Overall, it's an exciting time, although it will probably take me out of the comfort zone I've been in for a few years, since now I'll probably start getting stressed out about "making progress" instead of just practicing without much thought for the long run.
ironphoenix: Raven flying (Default)
( Nov. 22nd, 2007 03:31 pm)
I think I'm going to take a sabbatical from aikido this December. Not that I don't enjoy it, but I want to give myself a bit of time to think and do a few other things for a while. The New Year's Day traditional practice of 108 repetitions of a technique (based on Buddhist practice) will also make a perfect time to go back to it, fresh and hopefully unencumbered.

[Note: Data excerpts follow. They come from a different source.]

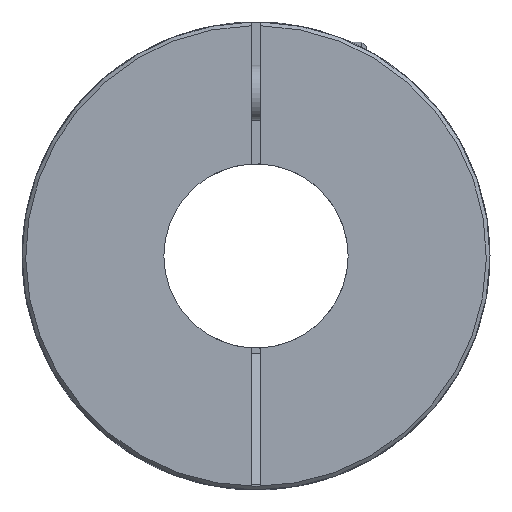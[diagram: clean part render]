
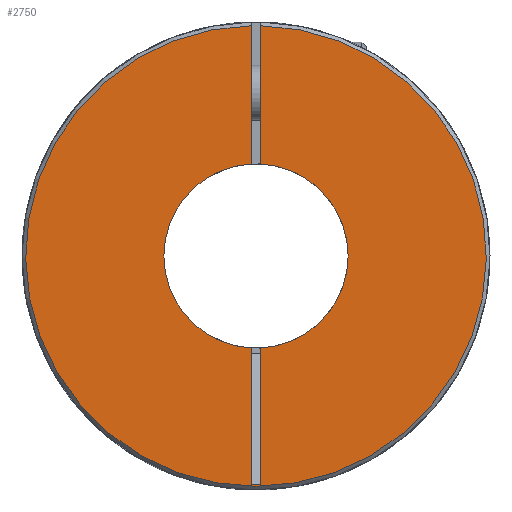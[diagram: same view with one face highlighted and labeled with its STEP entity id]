
A CAD part, front view. The second image highlights one B-rep face of the part: STEP entity #2750.
In plain terms, the highlighted planar face has unit normal (0, -1, 0).
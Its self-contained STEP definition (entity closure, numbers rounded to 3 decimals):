
#1=DIRECTION('',(0.,0.,-1.));
#2=VECTOR('',#1,7.504);
#3=CARTESIAN_POINT('',(-0.25,-15.9,12.498));
#4=LINE('',#3,#2);
#5=CARTESIAN_POINT('',(0.,-15.9,0.));
#6=DIRECTION('',(0.,1.,0.));
#7=DIRECTION('',(-1.,0.,0.));
#8=AXIS2_PLACEMENT_3D('',#5,#6,#7);
#10=CARTESIAN_POINT('',(0.,-15.9,0.));
#11=DIRECTION('',(0.,1.,0.));
#12=DIRECTION('',(-0.05,0.,-0.999));
#13=AXIS2_PLACEMENT_3D('',#10,#11,#12);
#15=DIRECTION('',(0.,0.,-1.));
#16=VECTOR('',#15,7.388);
#17=CARTESIAN_POINT('',(-0.25,-15.9,-4.994));
#18=LINE('',#17,#16);
#19=DIRECTION('',(1.,0.,0.));
#20=VECTOR('',#19,0.5);
#21=CARTESIAN_POINT('',(-0.25,-15.9,-12.382));
#22=LINE('',#21,#20);
#23=DIRECTION('',(0.,0.,-1.));
#24=VECTOR('',#23,7.388);
#25=CARTESIAN_POINT('',(0.25,-15.9,-4.994));
#26=LINE('',#25,#24);
#27=DIRECTION('',(0.,0.,-1.));
#28=VECTOR('',#27,7.504);
#29=CARTESIAN_POINT('',(0.25,-15.9,12.498));
#30=LINE('',#29,#28);
#1991=CARTESIAN_POINT('',(0.,-15.9,0.));
#1992=DIRECTION('',(0.,-1.,0.));
#1993=DIRECTION('',(-0.02,0.,1.));
#1994=AXIS2_PLACEMENT_3D('',#1991,#1992,#1993);
#2029=CARTESIAN_POINT('',(0.,-15.9,0.));
#2030=DIRECTION('',(0.,1.,0.));
#2031=DIRECTION('',(0.05,0.,0.999));
#2032=AXIS2_PLACEMENT_3D('',#2029,#2030,#2031);
#2463=CARTESIAN_POINT('',(-5.,-15.9,0.));
#2464=VERTEX_POINT('',#2463);
#2534=CARTESIAN_POINT('',(-0.25,-15.9,-12.382));
#2536=VERTEX_POINT('',#2534);
#2538=CARTESIAN_POINT('',(0.25,-15.9,-12.382));
#2540=VERTEX_POINT('',#2538);
#2585=CARTESIAN_POINT('',(-0.25,-15.9,12.498));
#2586=CARTESIAN_POINT('',(-0.25,-15.9,4.994));
#2587=VERTEX_POINT('',#2585);
#2588=VERTEX_POINT('',#2586);
#2589=CARTESIAN_POINT('',(-0.25,-15.9,-4.994));
#2590=VERTEX_POINT('',#2589);
#2591=CARTESIAN_POINT('',(0.25,-15.9,12.498));
#2592=CARTESIAN_POINT('',(0.25,-15.9,4.994));
#2593=VERTEX_POINT('',#2591);
#2594=VERTEX_POINT('',#2592);
#2595=CARTESIAN_POINT('',(0.25,-15.9,-4.994));
#2596=VERTEX_POINT('',#2595);
#2725=CARTESIAN_POINT('',(0.,-15.9,0.));
#2726=DIRECTION('',(0.,1.,0.));
#2727=DIRECTION('',(1.,0.,0.));
#2728=AXIS2_PLACEMENT_3D('',#2725,#2726,#2727);
#2729=PLANE('',#2728);
#2731=ORIENTED_EDGE('',*,*,#2730,.T.);
#2733=ORIENTED_EDGE('',*,*,#2732,.F.);
#2735=ORIENTED_EDGE('',*,*,#2734,.F.);
#2737=ORIENTED_EDGE('',*,*,#2736,.T.);
#2739=ORIENTED_EDGE('',*,*,#2738,.T.);
#2741=ORIENTED_EDGE('',*,*,#2740,.F.);
#2743=ORIENTED_EDGE('',*,*,#2742,.F.);
#2745=ORIENTED_EDGE('',*,*,#2744,.F.);
#2747=ORIENTED_EDGE('',*,*,#2746,.F.);
#2748=EDGE_LOOP('',(#2731,#2733,#2735,#2737,#2739,#2741,#2743,#2745,#2747));
#2749=FACE_OUTER_BOUND('',#2748,.F.);
#2750=ADVANCED_FACE('',(#2749),#2729,.F.);
#9=CIRCLE('',#8,5.);
#14=CIRCLE('',#13,5.);
#1995=CIRCLE('',#1994,12.5);
#2033=CIRCLE('',#2032,5.);
#2730=EDGE_CURVE('',#2587,#2588,#4,.T.);
#2732=EDGE_CURVE('',#2464,#2588,#9,.T.);
#2734=EDGE_CURVE('',#2590,#2464,#14,.T.);
#2736=EDGE_CURVE('',#2590,#2536,#18,.T.);
#2738=EDGE_CURVE('',#2536,#2540,#22,.T.);
#2740=EDGE_CURVE('',#2596,#2540,#26,.T.);
#2742=EDGE_CURVE('',#2594,#2596,#2033,.T.);
#2744=EDGE_CURVE('',#2593,#2594,#30,.T.);
#2746=EDGE_CURVE('',#2587,#2593,#1995,.T.);
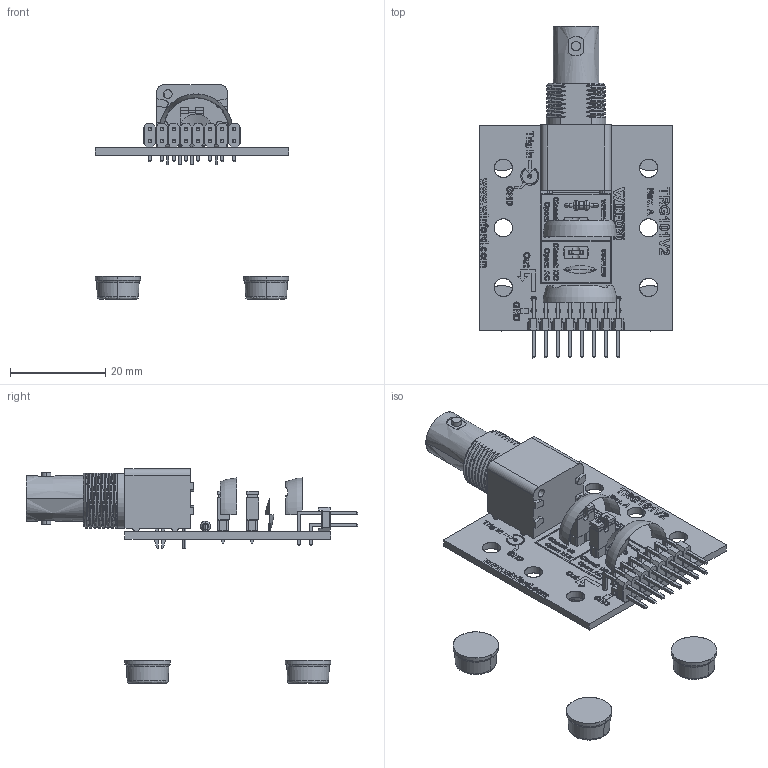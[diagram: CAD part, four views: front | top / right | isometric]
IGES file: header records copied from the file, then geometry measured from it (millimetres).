
Start section: SolidWorks IGES file using analytic representation for surfaces
Global section: file name: W:\end-user\products\trg\trg101\3dmodel\v2_rev_a\render\trg101v2-ft_rev_a.igs; native system: SolidWorks 2018; preprocessor: SolidWorks 2018; author: leviroy; date: 220729.154437; units: inch
Bounding box: 40.64 x 69.66 x 45.03 mm (x, y, z)
Surface area: 9562.1 mm2 (no closed solid volume)
Topology: 0 solids, 0 shells, 3112 faces, 25098 edges, 25084 vertices
Faces by surface type: bspline 2705, revolution 407
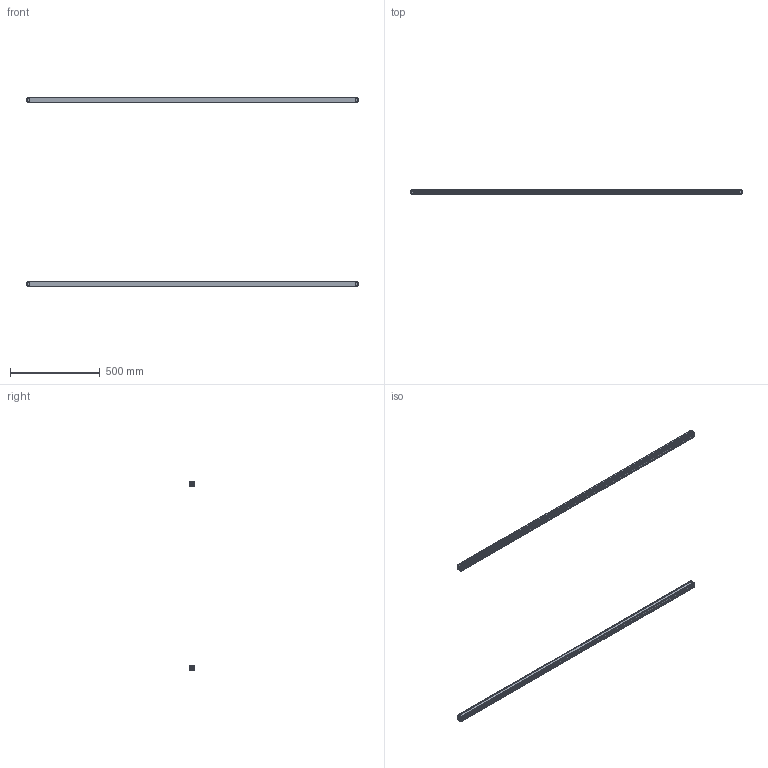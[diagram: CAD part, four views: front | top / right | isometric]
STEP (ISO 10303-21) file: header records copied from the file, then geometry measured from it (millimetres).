
FILE_DESCRIPTION(/* description */ (''),/* implementation_level */ '2;1');
FILE_NAME(/* name */ 'THS20-90.stp',/* time_stamp */ '2023-12-26T10:52:29+08:00',/* author */ (''),/* organization */ (''),/* preprocessor_version */ 'ST-DEVELOPER v16',/* originating_system */ 'SIEMENS PLM Software NX 11.0',/* authorisation */ '');
FILE_SCHEMA (('AP203_CONFIGURATION_CONTROLLED_3D_DESIGN_OF_MECHANICAL_PARTS_AND_ASSEMBLIES_MIM_LF { 1 0 10303 403 2 1 2}'));
Length unit declared in the file: millimetre
Products named in the file (10): 16; 14; 12; 13; 102; 101; 11; ASM0002_ASM; 0000_ASM; THS20-52--_stp
Assembly tree (10 placements, depth 4):
  THS20-52--_stp
    0000_ASM  x2
      11
      101
      102
      13
      12
      ASM0002_ASM
        14
        16
Bounding box: 1852 x 30.3 x 1058.6 mm (x, y, z)
Volume: 1137318.2 mm3; surface area: 1212271.6 mm2
Topology: 10 solids, 14 shells, 1080 faces, 3010 edges, 1986 vertices
Faces by surface type: plane 764, cylinder 288, cone 28
Entity records: 18484 total; most frequent: CARTESIAN_POINT 3097, ORIENTED_EDGE 3006, DIRECTION 2915, EDGE_CURVE 1505, LINE 1173, VECTOR 1173, VERTEX_POINT 993, AXIS2_PLACEMENT_3D 871
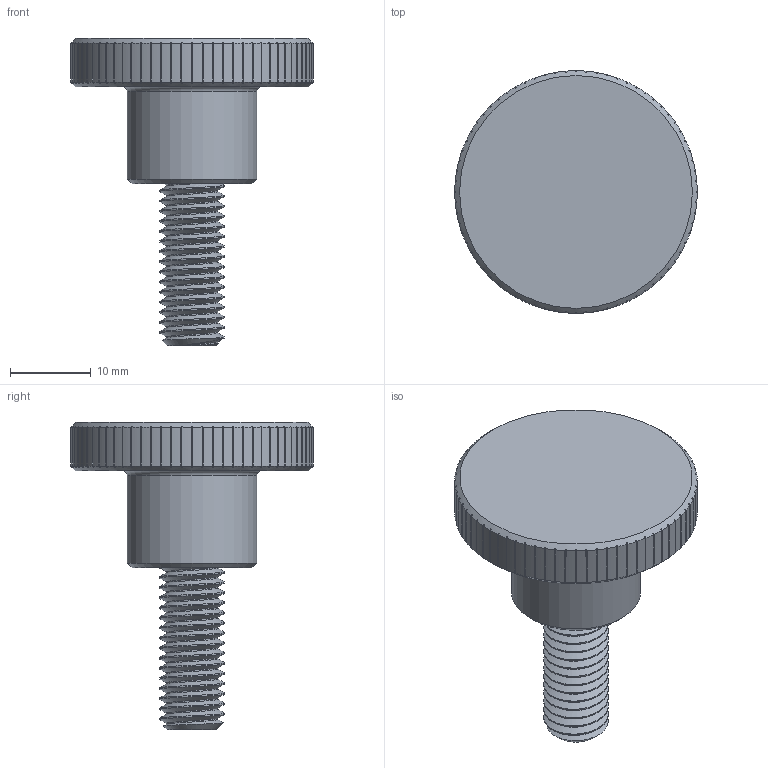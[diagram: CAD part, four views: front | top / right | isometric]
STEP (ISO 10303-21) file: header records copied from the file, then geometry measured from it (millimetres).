
FILE_DESCRIPTION((''),'2;1');
FILE_NAME('C:\Andys Backup Data\WEBSITE\DREAMWEAVER\MiniTec\Products\Screw_And_Nuts\Catalog_Pages\Thumb_Screws_Hand_Knobs\CAD\STEP\21.9978_20 M8X20 KNURLED THUMB SCREW.stp','2014-07-08T10:44:18',('Admin'),(''),'Autodesk Inventor 2012','Autodesk Inventor 2012','');
FILE_SCHEMA(('AUTOMOTIVE_DESIGN { 1 0 10303 214 1 1 1 1 }'));
Length unit declared in the file: millimetre
Products named in the file (1): 21.9978_20 M8X20 KNURLED THUMB SCREW
Bounding box: 30 x 30 x 38 mm (x, y, z)
Volume: 7424.3 mm3; surface area: 3347.7 mm2
Topology: 1 solids, 1 shells, 302 faces, 956 edges, 658 vertices
Faces by surface type: plane 148, cylinder 147, cone 4, bspline 2, torus 1
Full cylindrical faces by diameter (mm): 16 x1
Entity records: 12714 total; most frequent: CARTESIAN_POINT 4103, ORIENTED_EDGE 1900, DIRECTION 1784, EDGE_CURVE 950, VERTEX_POINT 658, AXIS2_PLACEMENT_3D 604, VECTOR 576, LINE 576
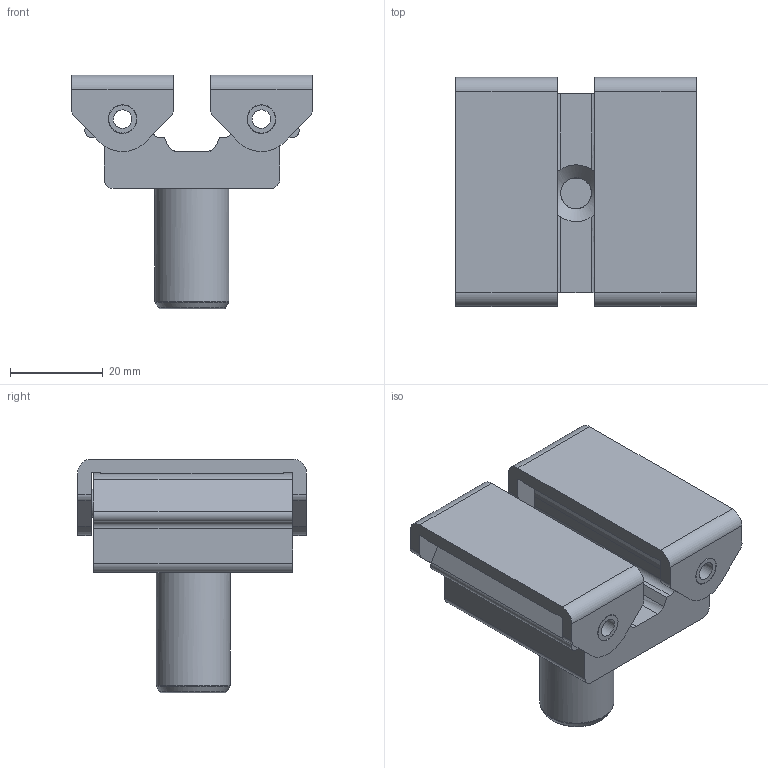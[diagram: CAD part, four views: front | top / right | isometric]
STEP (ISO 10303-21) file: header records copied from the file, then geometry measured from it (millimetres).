
FILE_DESCRIPTION( ('This file contains a STEP AP42 implementation' ,'as created by ZW3D STEP Interface translator.') ,'2;1' );
FILE_NAME( 'TW16VAD.stp' ,'15 311.144844', (''), ('ZWCAD Software Co.'), 'Version 1.0', 'ZW3D to STEP translator', '' );
FILE_SCHEMA( ('CONFIG_CONTROL_DESIGN') );
Length unit declared in the file: millimetre
Products named in the file (8): 0; TW16VAD; TWVAD; 3101653a_Brücke TW kpl; 3003151b_VAD_Brücke; 3003153_VAD_Brücke_kpl_Druckkap; 3003165_Spannstift6x16_8750; 3009018a_Steckbolzen TW16
Assembly tree (9 placements, depth 4):
  0
  TW16VAD
    TWVAD
      3101653a_Brücke TW kpl
        3003151b_VAD_Brücke
        3003153_VAD_Brücke_kpl_Druckkap
        3003165_Spannstift6x16_8750  x4
    3009018a_Steckbolzen TW16
Bounding box: 52 x 49.5 x 50.5 mm (x, y, z)
Volume: 38403.3 mm3; surface area: 20775.7 mm2
Topology: 8 solids, 9 shells, 126 faces, 319 edges, 209 vertices
Faces by surface type: bspline 126
Entity records: 5151 total; most frequent: CARTESIAN_POINT 3067, ORIENTED_EDGE 603, EDGE_CURVE 301, VERTEX_POINT 197, B_SPLINE_CURVE_WITH_KNOTS 187, EDGE_LOOP 131, FACE_OUTER_BOUND 114, ADVANCED_FACE 114
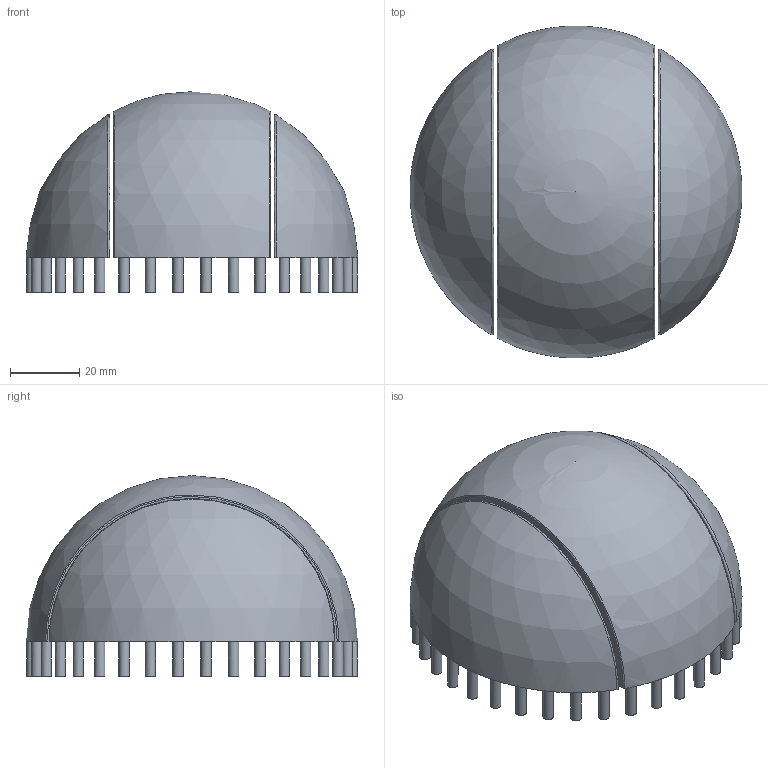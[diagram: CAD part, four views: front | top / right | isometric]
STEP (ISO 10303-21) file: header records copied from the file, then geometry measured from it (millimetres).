
FILE_DESCRIPTION(('Open CASCADE Model'),'2;1');
FILE_NAME('Open CASCADE Shape Model','2026-11-20T06:39:06',('Author'),( 'Open CASCADE'),'Open CASCADE STEP processor 7.8','Open CASCADE 7.8' ,'Unknown');
FILE_SCHEMA(('AUTOMOTIVE_DESIGN { 1 0 10303 214 1 1 1 1 }'));
Length unit declared in the file: millimetre
Products named in the file (4): A02_root_R050_water; Water_Xminus; Water_Center; Water_Xplus
Assembly tree (3 placements, depth 2):
  A02_root_R050_water
    Water_Xminus
    Water_Center
    Water_Xplus
Bounding box: 95.76 x 95.76 x 57.9 mm (x, y, z)
Volume: 42173.2 mm3; surface area: 32128.4 mm2
Topology: 3 solids, 3 shells, 132 faces, 310 edges, 182 vertices
Faces by surface type: plane 80, cylinder 36, bspline 10, sphere 6
Full cylindrical faces by diameter (mm): 3 x36
Entity records: 12566 total; most frequent: CARTESIAN_POINT 6872, DIRECTION 1064, ORIENTED_EDGE 616, PCURVE 616, DEFINITIONAL_REPRESENTATION 616, LINE 360, VECTOR 360, AXIS2_PLACEMENT_3D 352
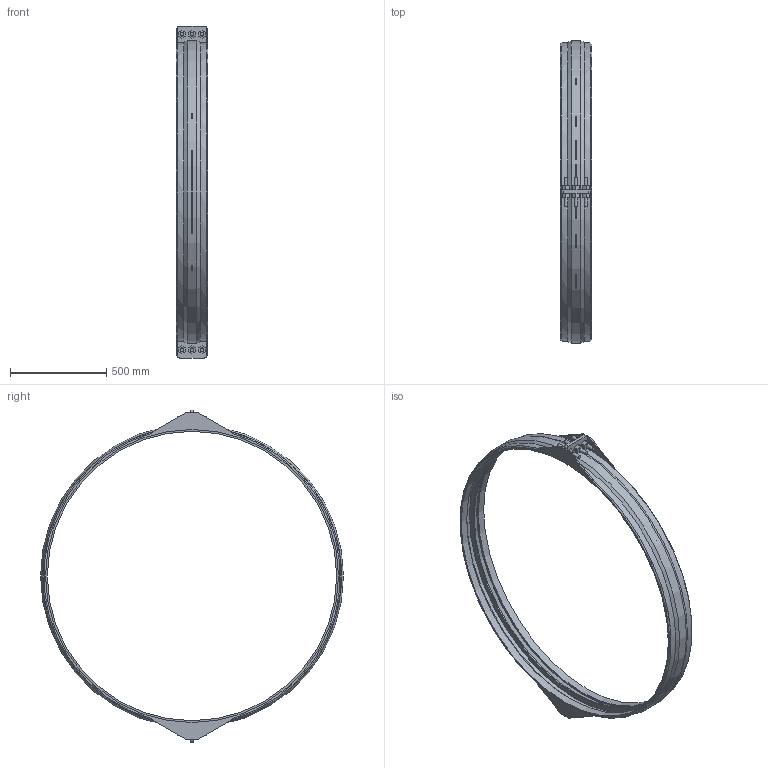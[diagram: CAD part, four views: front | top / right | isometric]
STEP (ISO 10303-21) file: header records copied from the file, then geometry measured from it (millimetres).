
FILE_DESCRIPTION(/* description */ ('VIC SS RESTRAINED COUPLING STYLE 234S (FLEX) (BRS)','CAx-IF Rec.Pracs.---Representation and Presentation of Product Manufacturing Information (PMI)---4.0---2014-10-13'),/* implementation_level */ '2;1');
FILE_NAME(/* name */ 'C:\Users\kkamble\AppData\Roaming\Autodesk\ApplicationPlugins\Back Up\Victaulic_VBSP_Coupling Flexible Restrained_Style 234S (BRS)\Victaulic_VBSP_Coupling Flexible Restrained_Style 234S (BRS)_50psi_60 (1500).stp',/* time_stamp */ '2020-09-22T18:42:37+05:00',/* author */ ('Vjadhav'),/* organization */ ('Victaulic'),/* preprocessor_version */ 'ST-DEVELOPER v17.2',/* originating_system */ 'Autodesk Inventor 2019',/* authorisation */ '');
FILE_SCHEMA (('AP242_MANAGED_MODEL_BASED_3D_ENGINEERING_MIM_LF { 1 0 10303 442 1 1 4 }'));
Length unit declared in the file: inch
Products named in the file (1): Style_234S_Type_2_50psi-60.0
Bounding box: 165.1 x 1575.3 x 1727.2 mm (x, y, z)
Volume: 10960634.6 mm3; surface area: 2389547.4 mm2
Topology: 1 solids, 1 shells, 191 faces, 477 edges, 316 vertices
Faces by surface type: plane 136, cylinder 43, torus 6, cone 6
Full cylindrical faces by diameter (mm): 19.05 x12, 1504.95 x1, 1524 x2, 1562.603 x2
Entity records: 6146 total; most frequent: CARTESIAN_POINT 1138, DIRECTION 997, ORIENTED_EDGE 954, EDGE_CURVE 477, LINE 351, VECTOR 351, AXIS2_PLACEMENT_3D 323, VERTEX_POINT 316
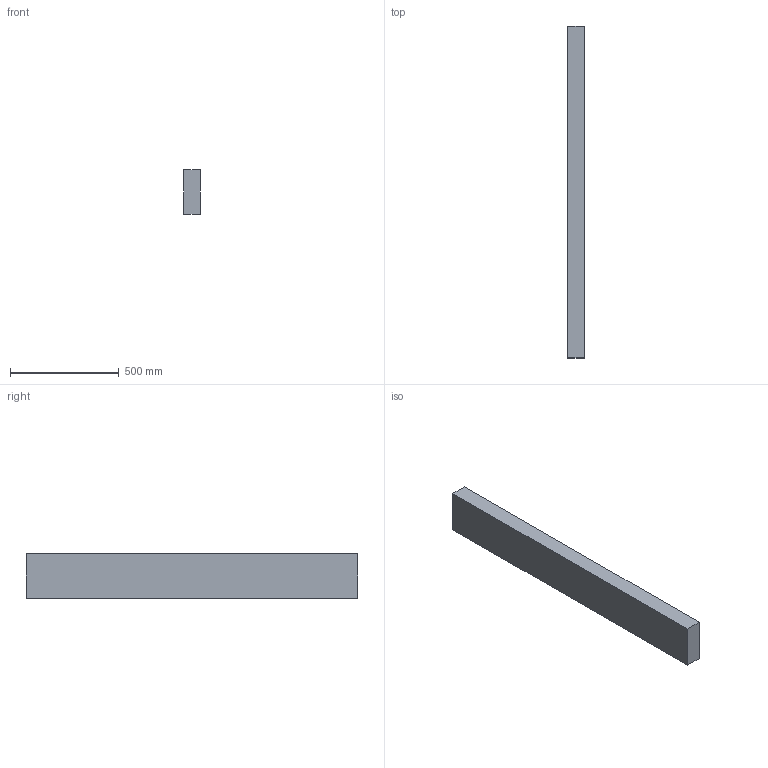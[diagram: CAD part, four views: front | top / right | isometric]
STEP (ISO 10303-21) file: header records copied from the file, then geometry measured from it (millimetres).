
FILE_DESCRIPTION(/* description */ (''),/* implementation_level */ '2;1');
FILE_NAME(/* name */ '3x8x60',/* time_stamp */ '2024-09-20T11:43:38-05:00',/* author */ (''),/* organization */ (''),/* preprocessor_version */ 'ST-DEVELOPER v19.2',/* originating_system */ 'Rhino 8.5',/* authorisation */ '');
FILE_SCHEMA (('CONFIG_CONTROL_DESIGN'));
Length unit declared in the file: inch
Products named in the file (1): Document
Bounding box: 76.2 x 1524 x 203.2 mm (x, y, z)
Volume: 23597372.2 mm3; surface area: 882578.9 mm2
Topology: 1 solids, 1 shells, 6 faces, 12 edges, 8 vertices
Faces by surface type: plane 6
Entity records: 226 total; most frequent: CARTESIAN_POINT 40, ORIENTED_EDGE 24, EDGE_CURVE 12, B_SPLINE_CURVE_WITH_KNOTS 12, DIRECTION 10, VERTEX_POINT 8, AXIS2_PLACEMENT_3D 8, ORGANIZATION 7

This also means that I'll have more time to get together with people, so if you're interested in doing something together, drop me a note!
ironphoenix: (gear)
( Sep. 29th, 2007 10:46 am)
It's been a while since I practiced aikido four days in a week, and my body is voicing its concern. Coupled with a hike last Sunday (Wolf trail in the Gatineau, 8.2 km) and more walking than usual due to work (tests taking place in a nearby building), I think this may be the most exercise I've gotten in quite a while. It's definitely doing good things for my cardio fitness and mood. Hopefully, the ache in my elbows and knees is mainly due to the extra stresses put on them while taking ukemi1 for gradings on Wednesday.

I should say more about the gradings. We had a fifth kyu2, two thirds, and a second. I took ukemi, including suwari-waza3, which I generally avoid because of knee issues, for one of the third kyu candidates, and for the randori4 for both third kyu candidates (simultaneous randori, which was somewhat chaotic) and the second kyu candidate. All of them passed; our sensei won't invite someone up for a test for which they aren't ready.

All told, a good week for my body, but one that I shouldn't repeat too soon!

1: "Ukemi" is taking the role of "uke", the person who "receives" a technique; learing to do it well is as difficult and as important as learning the techniques.

2: The highest rank before black belt is first kyu (ikkyu); increasing numbers in kyu ranks (nikyu, sankyu, yonkyu, gokyu) refer to successively lower grades.

3: Suwari-waza is technique done while kneeling; it is practiced because in polite Japanese usage, it is improper for a vassal to be above his lord, and since samurai might have to dispatch an assailant while their lord was seated, and it would inconvenience the lord to rise, some "upper-class" Japanese arts such as iaido and aikido teach techniques which are done from a kneeling position.

4: Randori is freestyle technique with multiple attackers. It requires a good deal of technical skill and strategy to do well. Ukes have to be on their toes to avoid collisions and injuries, since throws are sometimes not well-delivered or are directed towards other ukes or obstacles.
ironphoenix: (so deep)
( Aug. 24th, 2007 08:19 pm)
Well, that's interesting: I just taught my second aikido class in as many weeks, this one a weapons class with three other students. (The previous one was a basics class with only one other student, during which we worked on techniques for his upcoming grading. Before that, I'd taught once, about two years ago, with four students.) I taught a few staff disarms (jo-tori) and throws (jo-nage); it seemed to go over well enough.

I'm still processing the experience of teaching in this context. Overall, I think it's a good thing; I'm just trying to understand the effect it's having on me and on my practice.
ironphoenix: Raven flying (Default)
( Jun. 16th, 2006 09:15 am)
Well, I upgraded to the new version of the Quartus software yesterday, and my simulations are running. Yay, I can do productive work again!

I bruised a lower rib or something yesterday at aikido, so it hurts to laugh or sneeze. Nobody say anything funny today.

[ profile] soul_diaspora and I are going to see Cirque du Soleil's show Quidam tonight, and we've been led to expect great things from those who've already seen it.

And, in a little while, my department is doing a whirlwind "everybody explain what you're working on and how it helps the company in 3 minutes or less" meeting. It should be interesting, but I doubt it'll finish on time.